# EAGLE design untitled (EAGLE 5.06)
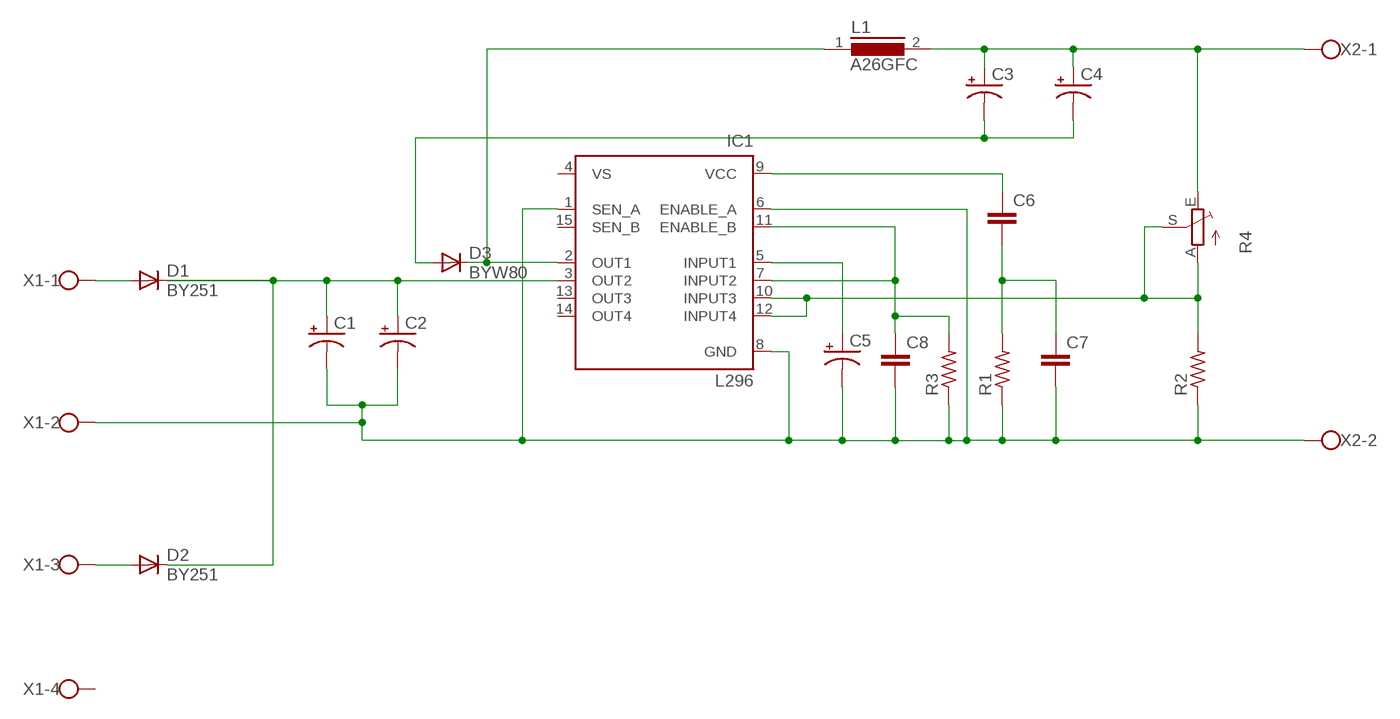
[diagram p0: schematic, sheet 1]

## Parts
C1  CPOL-USE7.5-16  [E7,5-16]
C2  CPOL-USE7.5-16  [E7,5-16]
C3  CPOL-USE5-13  [E5-13]
C4  CPOL-USE5-13  [E5-13]
C5  CPOL-USE5-6  [E5-6]
C6  C-EU050-025X075  [C050-025X075]
C7  C-EU050-025X075  [C050-025X075]
C8  C-EU050-025X075  [C050-025X075]
D1  BY251  [DO201-15]
D2  BY251  [DO201-15]
D3  BYW80  [TO220ACS]
IC1  L296  L298  [MULTIWATT-15]
L1  A26GFC  [A26GFC]
R1  R-US_0207/10  [0207/10]
R2  R-US_0207/10  [0207/10]
R3  R-US_0207/10  [0207/10]
R4  TRIM_EU-CA14H  [CA14H]
X1  W237-4  [W237-4]
X2  W237-102  [W237-102]

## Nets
N$1: D1.A X1.1
N$2: D2.A X1.3
N$3: C1.+ C2.+ D1.C D2.C IC1.3(OUT2)
N$4: D3.C IC1.2(OUT1) L1.1
N$6: C6.2 C7.1 R1.2
N$7: C5.+ IC1.5(INPUT1)
N$8: C1.- C2.- C5.- C7.2 C8.2 IC1.1(SEN_A) IC1.6(ENABLE_A) IC1.8(GND) R1.1 R2.1 R3.1 X1.2 X2.2
N$9: C8.1 IC1.7(INPUT2) IC1.11(ENABLE_B) R3.2
N$10: C6.1 IC1.9(VCC)
N$11: IC1.10(INPUT3) IC1.12(INPUT4) R2.2 R4.A R4.S
N$13: C3.+ C4.+ L1.2 R4.E X2.1
N$14: C3.- C4.- D3.A
Unconnected: IC1.13(OUT3) IC1.14(OUT4) IC1.15(SEN_B) X1.4

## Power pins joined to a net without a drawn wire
VS: IC1.4(VS)

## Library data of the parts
C1-C5 = resistor:CPOL-US: POLARIZED CAPACITOR, American symbol
C6-C8 = resistor:C-EU: CAPACITOR, European symbol
D1 D2 = diode:BY251: DIODE
D3 = diode:BYW80: DIODE
IC1 = st-microelectronics:L298: DUAL FULL-BRIDGE DRIVER
L1 = inductors:A26GFC: INDUCTOR
R1-R3 = resistor:R-US_: RESISTOR, American symbol
R4 = pot:TRIM_EU-: POTENTIOMETER
X1 = con-wago-500:W237-4: WAGO SCREW CLAMP
X2 = con-wago-500:W237-102: WAGO SCREW CLAMP

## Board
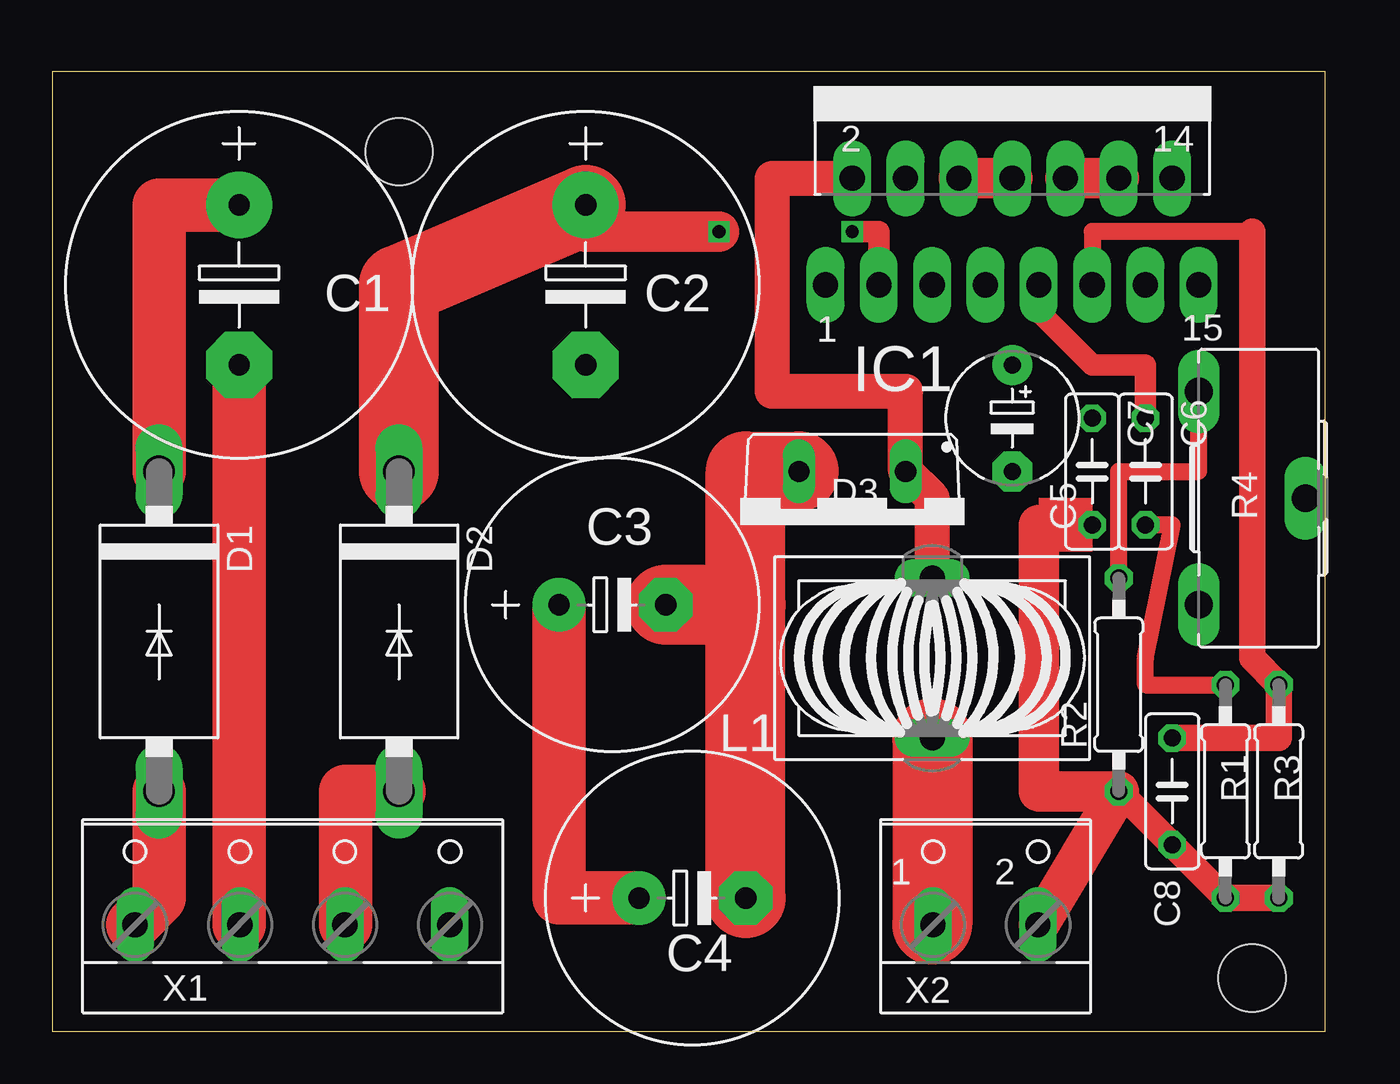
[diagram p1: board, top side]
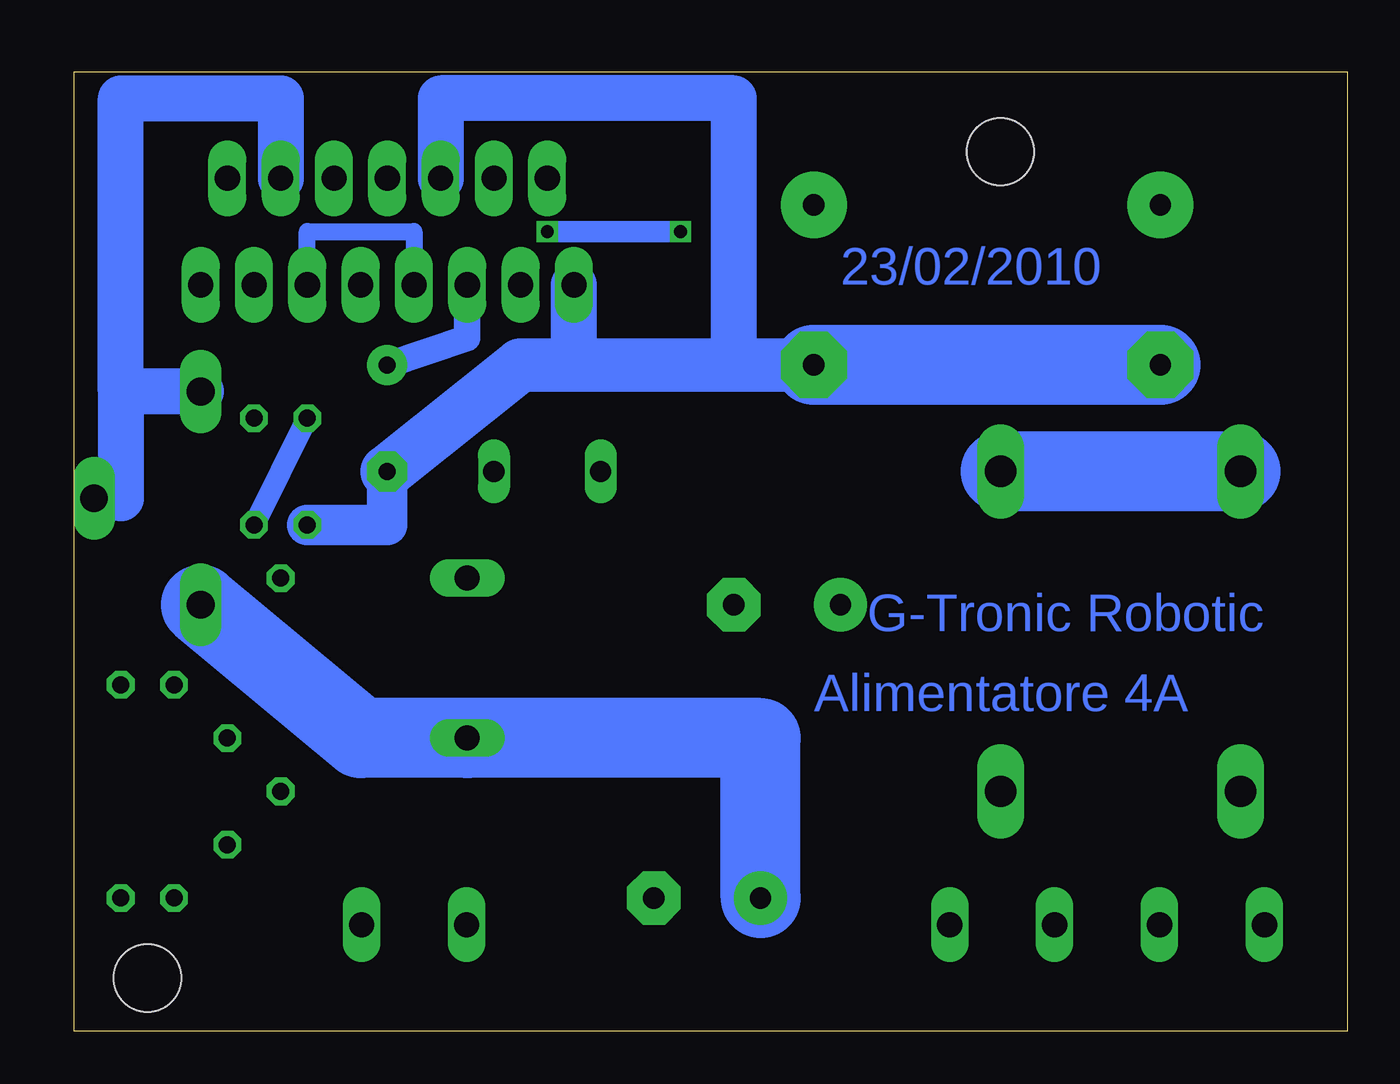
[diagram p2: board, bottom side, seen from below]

Size 60.63 x 45.71 mm. Coordinates in mm from the lower left corner, seen from the top.
Outline: 0,0 60.63,0 60.63,45.71 0,45.71 0,0
Copper layers (1*16): Top 0.035mm / dielectric 1.5mm / Bottom 0.035mm
Design rules "default": minimum track width 10mil, minimum drill 24mil, track to track 8mil, track to pad 8mil, pad to pad 8mil, via to via 8mil, smd to smd 8mil, copper to edge 40mil, drill to drill 8mil, minimum pad ring 10mil, minimum via ring 8mil, stop-mask expansion 4mil, vias tented up to drill 0mil, thermal gap 10mil
Holes 3.2 mm at 57.15,2.54 16.51,41.91

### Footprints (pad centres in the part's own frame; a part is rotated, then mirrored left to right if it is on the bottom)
E7,5-16 = drill 1.016 pad 3.15 round: + -3.81,0 | drill 1.016 pad 3.15 octagon: - 3.81,0
E5-13 = drill 1.016 pad 2.54 round: + -2.54,0 | drill 1.016 pad 2.54 octagon: - 2.54,0
E5-6 = drill 0.813 pad 1.905 round: + -2.54,0 | drill 0.813 pad 1.905 octagon: - 2.54,0
C050-025X075 = drill 0.813 octagon: 1 -2.54,0; 2 2.54,0
DO201-15 = drill 1.499 long: A 7.62,0; C -7.62,0
TO220ACS = drill 1.016 long: A 2.54,-2.54; C -2.54,-2.54
MULTIWATT-15 = drill 1.2 long: 1 -8.89,-7.62; 2 -7.62,-2.54; 3 -6.35,-7.62; 4 -5.08,-2.54; 5 -3.81,-7.62; 6 -2.54,-2.54; 7 -1.27,-7.62; 8 0,-2.54; 9 1.27,-7.62; 10 2.54,-2.54; 11 3.81,-7.62; 12 5.08,-2.54; 13 6.35,-7.62; 14 7.62,-2.54; 15 8.89,-7.62
A26GFC = drill 1.194 long: 1 0,3.81; 2 0,-3.81
0207/10 = drill 0.813 octagon: 1 -5.08,0; 2 5.08,0
CA14H = drill 1.321 long: A -5.08,0; E 5.08,0; S 0,5.08
W237-4 = drill 1.194 long: 1 -7.5,-1.27; 2 -2.5,-1.27; 3 2.5,-1.27; 4 7.5,-1.27
W237-102 = drill 1.194 long: 1 -2.5,-1.27; 2 2.5,-1.27

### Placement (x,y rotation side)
C1  8.89,35.56 270 top
C2  25.4,35.56 270 top
C3  26.67,20.32 0 top
C4  30.48,6.35 0 top
C5  45.72,29.21 270 top
C6  52.07,26.67 270 top
C7  49.53,26.67 270 top
C8  53.34,11.43 270 top
D1  5.08,19.05 270 top
D2  16.51,19.05 270 top
D3  38.1,24.13 180 top
IC1  45.72,43.18 0 top
L1  41.91,17.78 0 top
R1  55.88,11.43 90 top
R2  50.8,16.51 90 top
R3  58.42,11.43 90 top
R4  54.61,25.4 270 top
X1  11.43,6.35 0 top
X2  44.45,6.35 0 top

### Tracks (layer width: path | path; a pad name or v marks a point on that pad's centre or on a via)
N$1
  Top 0.254: X1.1 3.81,5.08
  Top 2.54: 3.81,5.08 5.08,6.35 D1.A
N$2
  Top 0.254: X1.3 13.97,5.08
  Top 2.54: 13.97,5.08 13.97,11.43 D2.A
N$3  (via drill 0.6)
  Top 0.254: C2.+ 25.4,38.1
  Top 1.016: IC1.3 39.37,38.1 v38.1,38.1
  Top 1.93: 25.4,38.1 v31.75,38.1
  Top 2.54: C1.+ 5.08,39.37 D1.C
  Top 3.81: C2.+ 16.51,35.56 D2.C
  Bottom 1.016: v31.75,38.1 v38.1,38.1
  Bottom 3.81: D1.C D2.C
N$4
  Top 1.676: L1.1 41.91,25.4 D3.C 40.64,30.48 34.29,30.48 34.29,40.64 IC1.2
N$6
  Top 0.813: R1.2 52.07,16.51 52.07,17.78 53.34,24.13 C6.2
  Bottom 1.016: C6.2 C7.1
N$7
  Bottom 1.27: IC1.5 41.91,33.02 C5.+
N$8
  Top 0.254: X1.2 8.89,5.08 | 46.99,5.08 X2.2
  Top 1.27: R3.1 R1.1 C8.2 R2.1 | C7.2 46.99,24.13
  Top 1.93: 46.99,5.08 R2.1 46.99,11.43 46.99,24.13 | IC1.6 IC1.8
  Top 2.54: 8.89,5.08 C1.-
  Bottom 1.93: C7.2 45.72,24.13 C5.-
  Bottom 2.184: 36.83,31.75 IC1.1 | IC1.6 43.18,44.45 29.21,44.45 29.21,31.75
  Bottom 2.54: C2.- 29.21,31.75 36.83,31.75 39.37,31.75 C5.-
  Bottom 3.81: C1.- C2.-
N$9
  Top 0.813: 57.15,38.1 49.53,38.1 IC1.11
  Top 1.27: C8.1 58.42,13.97 R3.2 57.15,17.78 57.15,38.1
  Bottom 0.813: IC1.7 44.45,38.1 49.53,38.1 IC1.11
N$10
  Top 1.016: C6.1 52.07,31.75 49.53,31.75 46.99,34.29 IC1.9
N$11
  Top 0.813: R2.2 50.8,26.67 54.61,26.67 54.61,27.94 54.61,29.21 R4.A
  Top 1.93: IC1.12 IC1.10
  Bottom 1.27: 58.42,25.4 R4.S
  Bottom 2.184: 58.42,30.48 58.42,44.45 50.8,44.45 IC1.12 | R4.A 58.42,30.48 | 58.42,30.48 58.42,25.4
N$13
  Top 0.254: 41.91,5.08 X2.1
  Top 2.54: C3.+ 24.13,6.35 C4.+
  Top 3.81: L1.2 41.91,5.08
  Bottom 3.81: R4.E 46.99,13.97 L1.2 27.94,13.97 C4.+
N$14
  Top 3.81: 33.02,20.32 33.02,26.67 D3.A | C4.- 33.02,20.32 | 33.02,20.32 C3.-
(copper drawn outside any net)
  shapes: Top area x1

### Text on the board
Bottom: 23/02/2010 | G-Tronic Robotic | Alimentatore 4A
——————————
Take the word "drawn" and find each line of the material that contains it. Copy those lines.

Response area.
## Power pins joined to a net without a drawn wire
(copper drawn outside any net)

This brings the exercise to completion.